# 4410 e hydro codes



## tengelhardt (Jan 14, 2015)

i have a 2003 jd 4410 that is giving me fits due to failing to move, i thought i fixed the problem by repalcing the seat safety switch because i was able to use the tractor for about four hours then it just stopped again i am getting a warning code with one long flash followed by three short flashes any suggestions


----------



## mirro11 (May 28, 2015)

*Same issue*

Hi, Did you ever find anything out? My JD 4410 is having the same issue. It does not move. I get the same long, short, short, short error code. 

Jay


----------



## 2jdeeres (Apr 14, 2010)

I have a 4310 that did a similar thing, I thought it was the seat switch but it was the other end of the harness that connects to the seat switch.

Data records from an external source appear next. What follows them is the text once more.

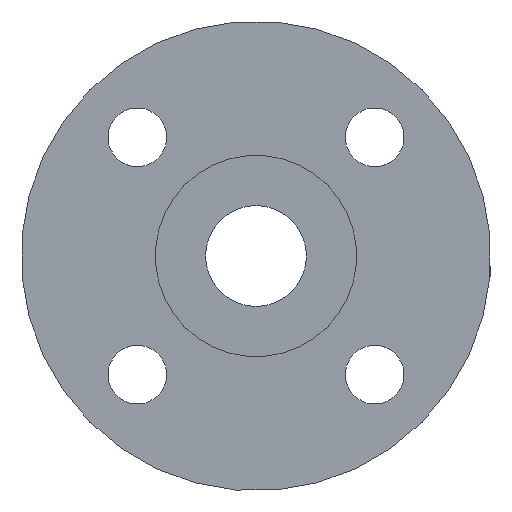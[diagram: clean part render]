
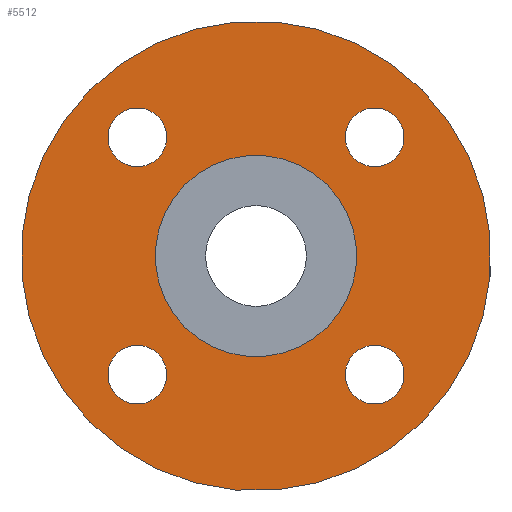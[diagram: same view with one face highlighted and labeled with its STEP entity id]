
A CAD part, left-side view. The second image highlights one B-rep face of the part: STEP entity #5512.
In plain terms, the highlighted planar face has unit normal (-1, 0, 0).
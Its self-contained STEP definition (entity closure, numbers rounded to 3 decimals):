
#106=CIRCLE('',#5855,6.);
#108=CIRCLE('',#5860,1.75);
#109=CIRCLE('',#5861,1.75);
#110=CIRCLE('',#5862,1.75);
#111=CIRCLE('',#5863,1.75);
#112=CIRCLE('',#5864,14.);
#504=ORIENTED_EDGE('',*,*,#2095,.F.);
#505=ORIENTED_EDGE('',*,*,#2096,.F.);
#506=ORIENTED_EDGE('',*,*,#2097,.F.);
#507=ORIENTED_EDGE('',*,*,#2098,.F.);
#508=ORIENTED_EDGE('',*,*,#2099,.F.);
#509=ORIENTED_EDGE('',*,*,#2093,.T.);
#2093=EDGE_CURVE('',#2890,#2890,#106,.T.);
#2095=EDGE_CURVE('',#2892,#2892,#108,.T.);
#2096=EDGE_CURVE('',#2893,#2893,#109,.T.);
#2097=EDGE_CURVE('',#2894,#2894,#110,.T.);
#2098=EDGE_CURVE('',#2895,#2895,#111,.T.);
#2099=EDGE_CURVE('',#2896,#2896,#112,.T.);
#2890=VERTEX_POINT('',#8676);
#2892=VERTEX_POINT('',#8683);
#2893=VERTEX_POINT('',#8685);
#2894=VERTEX_POINT('',#8687);
#2895=VERTEX_POINT('',#8689);
#2896=VERTEX_POINT('',#8691);
#4517=EDGE_LOOP('',(#504));
#4518=EDGE_LOOP('',(#505));
#4519=EDGE_LOOP('',(#506));
#4520=EDGE_LOOP('',(#507));
#4521=EDGE_LOOP('',(#508));
#4522=EDGE_LOOP('',(#509));
#4914=FACE_BOUND('',#4517,.T.);
#4915=FACE_BOUND('',#4518,.T.);
#4916=FACE_BOUND('',#4519,.T.);
#4917=FACE_BOUND('',#4520,.T.);
#4918=FACE_BOUND('',#4521,.T.);
#4919=FACE_BOUND('',#4522,.T.);
#5264=PLANE('',#5859);
#5512=ADVANCED_FACE('',(#4914,#4915,#4916,#4917,#4918,#4919),#5264,.F.);
#5855=AXIS2_PLACEMENT_3D('',#8675,#6341,#6342);
#5859=AXIS2_PLACEMENT_3D('',#8681,#6349,#6350);
#5860=AXIS2_PLACEMENT_3D('',#8682,#6351,#6352);
#5861=AXIS2_PLACEMENT_3D('',#8684,#6353,#6354);
#5862=AXIS2_PLACEMENT_3D('',#8686,#6355,#6356);
#5863=AXIS2_PLACEMENT_3D('',#8688,#6357,#6358);
#5864=AXIS2_PLACEMENT_3D('',#8690,#6359,#6360);
#6341=DIRECTION('',(1.,0.,0.));
#6342=DIRECTION('',(0.,0.707,-0.707));
#6349=DIRECTION('',(1.,0.,0.));
#6350=DIRECTION('',(0.,0.707,-0.707));
#6351=DIRECTION('',(-1.,0.,0.));
#6352=DIRECTION('',(0.,-0.707,0.707));
#6353=DIRECTION('',(-1.,0.,0.));
#6354=DIRECTION('',(0.,-0.707,0.707));
#6355=DIRECTION('',(-1.,0.,0.));
#6356=DIRECTION('',(0.,-0.707,0.707));
#6357=DIRECTION('',(-1.,0.,0.));
#6358=DIRECTION('',(0.,-0.707,0.707));
#6359=DIRECTION('',(1.,0.,0.));
#6360=DIRECTION('',(0.,0.707,-0.707));
#8675=CARTESIAN_POINT('',(12.5,0.,0.));
#8676=CARTESIAN_POINT('',(12.5,4.243,-4.243));
#8681=CARTESIAN_POINT('',(12.5,0.,0.));
#8682=CARTESIAN_POINT('',(12.5,7.071,-7.071));
#8683=CARTESIAN_POINT('',(12.5,5.834,-5.834));
#8684=CARTESIAN_POINT('',(12.5,-7.071,-7.071));
#8685=CARTESIAN_POINT('',(12.5,-8.309,-5.834));
#8686=CARTESIAN_POINT('',(12.5,-7.071,7.071));
#8687=CARTESIAN_POINT('',(12.5,-8.309,8.309));
#8688=CARTESIAN_POINT('',(12.5,7.071,7.071));
#8689=CARTESIAN_POINT('',(12.5,5.834,8.309));
#8690=CARTESIAN_POINT('',(12.5,0.,0.));
#8691=CARTESIAN_POINT('',(12.5,9.899,-9.899));
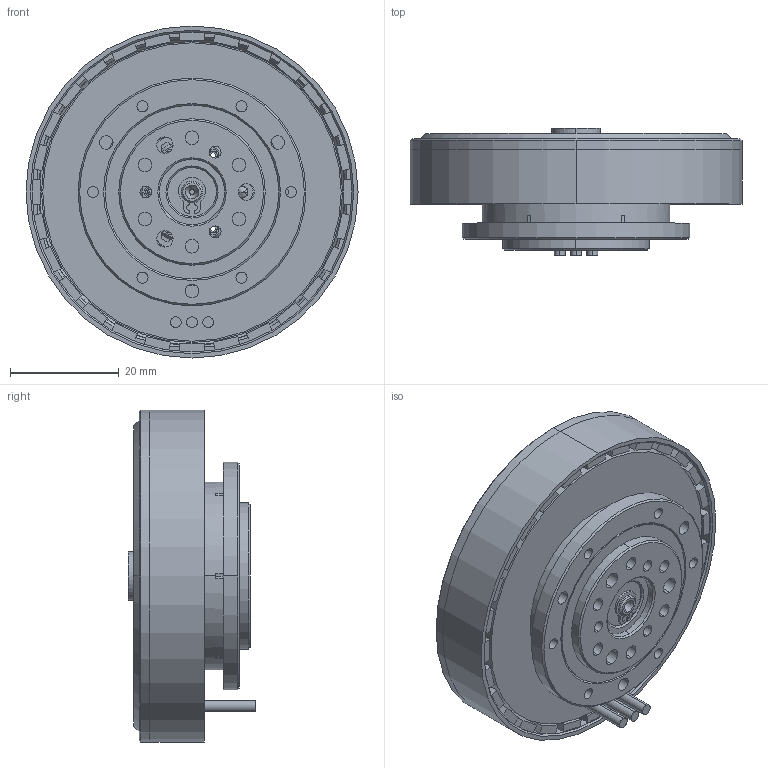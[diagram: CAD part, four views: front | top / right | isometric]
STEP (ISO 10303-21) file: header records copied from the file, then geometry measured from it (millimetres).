
FILE_DESCRIPTION (( 'STEP AP203' ), '1' );
FILE_NAME ('AKE50-8 KV110-A-20260427.STEP', '2026-04-27T06:09:00', ( '微软用户' ), ( '微软中国' ), 'SwSTEP 2.0', 'SolidWorks 2020', '' );
FILE_SCHEMA (( 'CONFIG_CONTROL_DESIGN' ));
Length unit declared in the file: millimetre
Products named in the file (1): AKE50-8 KV110-A-20260427
Bounding box: 61.2 x 23.5 x 61.2 mm (x, y, z)
Surface area: 21323.4 mm2 (no closed solid volume)
Topology: 0 solids, 56 shells, 506 faces, 1496 edges, 1028 vertices
Faces by surface type: plane 239, cylinder 198, cone 63, bspline 6
Entity records: 17063 total; most frequent: CARTESIAN_POINT 3308, DIRECTION 3062, ORIENTED_EDGE 2435, EDGE_CURVE 1490, AXIS2_PLACEMENT_3D 1102, VERTEX_POINT 1028, LINE 858, VECTOR 858
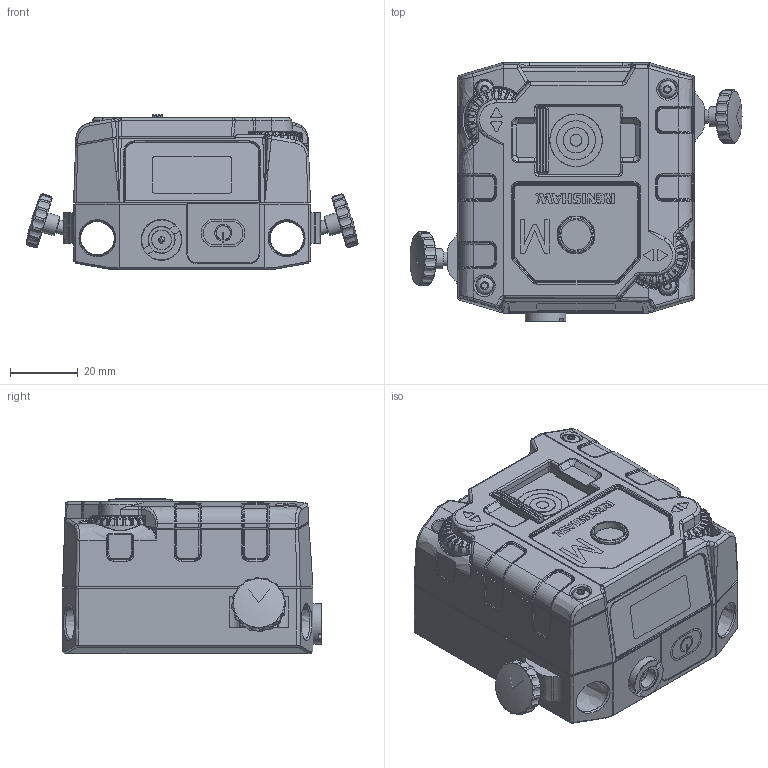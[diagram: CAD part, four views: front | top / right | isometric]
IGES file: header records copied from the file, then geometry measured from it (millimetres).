
Global section: file name: M-9971-0201-01-B_XK20 M UNIT _altrep_M-9971-0201-01-B-alt1_.igs; native system: NX V2312; preprocessor: SIEMENS PLM Software NX2312.8103; date: 20250829.091050; units: millimetre
Bounding box: 98.11 x 76.5 x 45.9 mm (x, y, z)
Surface area: 29648.8 mm2 (no closed solid volume)
Topology: 0 solids, 0 shells, 2154 faces, 12380 edges, 12445 vertices
Faces by surface type: bspline 2154
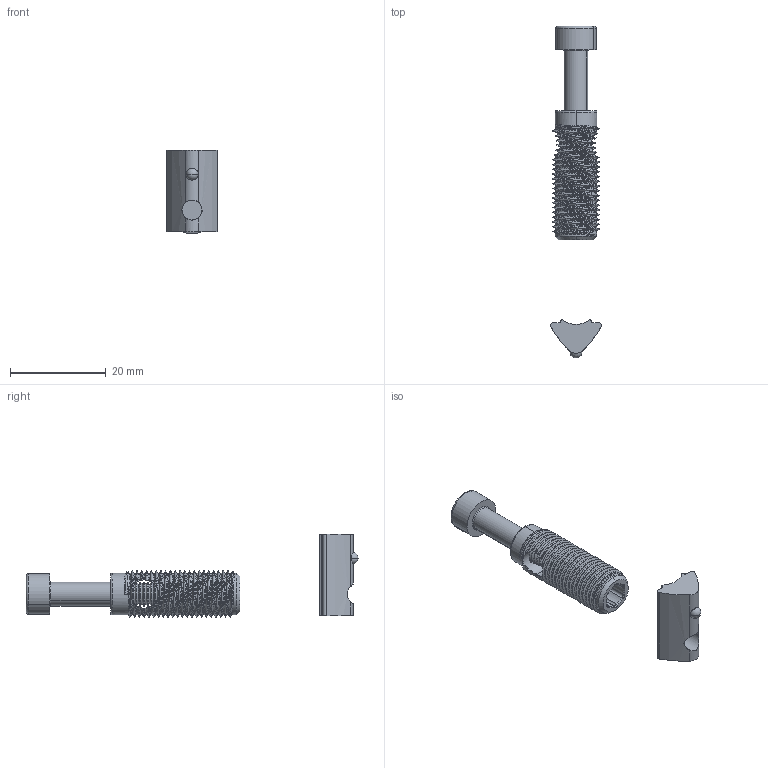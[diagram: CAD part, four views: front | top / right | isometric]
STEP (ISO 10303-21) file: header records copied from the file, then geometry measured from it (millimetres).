
FILE_DESCRIPTION (( 'STEP AP203' ), '1' );
FILE_NAME ('390006_Eindrehverbinder-Satz 6, einseitig.step', '2022-04-14T09:11:39', ( '' ), ( '' ), 'SwSTEP 2.0', 'SolidWorks 2021', '' );
FILE_SCHEMA (( 'CONFIG_CONTROL_DESIGN' ));
Length unit declared in the file: millimetre
Products named in the file (4): 354025 Nutenstein 6 M5 einschwenkbar mit Kugel und Steg; 390006 Hülse; DIN 912 M5 x 35 --- 22S_DIN 912 M5 x 35 --- 22S; 390006_Eindrehverbinder-Satz 6, einseitig
Assembly tree (3 placements, depth 2):
  390006_Eindrehverbinder-Satz 6, einseitig
    390006 Hülse
    DIN 912 M5 x 35 --- 22S_DIN 912 M5 x 35 --- 22S
    354025 Nutenstein 6 M5 einschwenkbar mit Kugel und Steg
Bounding box: 10.6 x 69.39 x 17.45 mm (x, y, z)
Volume: 2562.1 mm3; surface area: 3276 mm2
Topology: 3 solids, 3 shells, 390 faces, 1054 edges, 667 vertices
Faces by surface type: cylinder 143, cone 139, bspline 53, plane 47, torus 6, sphere 2
Entity records: 86445 total; most frequent: CARTESIAN_POINT 76771, ORIENTED_EDGE 2104, DIRECTION 1806, EDGE_CURVE 1052, AXIS2_PLACEMENT_3D 746, VERTEX_POINT 667, CIRCLE 403, EDGE_LOOP 397

It was partially pulled apart, after straightening the prongs and fastening the connector it worked fine. follow the seat switch cable to the next connector.

Pat


----------



## mirro11 (May 28, 2015)

Thanks Pat, I will try that this afternoon. I am getting a trouble code, Long - Short - Short - Short. I have a call into John Deere, but any idea what that is? Also had a Short - Long - Long - Short code.

Jay


----------



## 2jdeeres (Apr 14, 2010)

Did you get your problem fixed?? If so what was it?

Pat


----------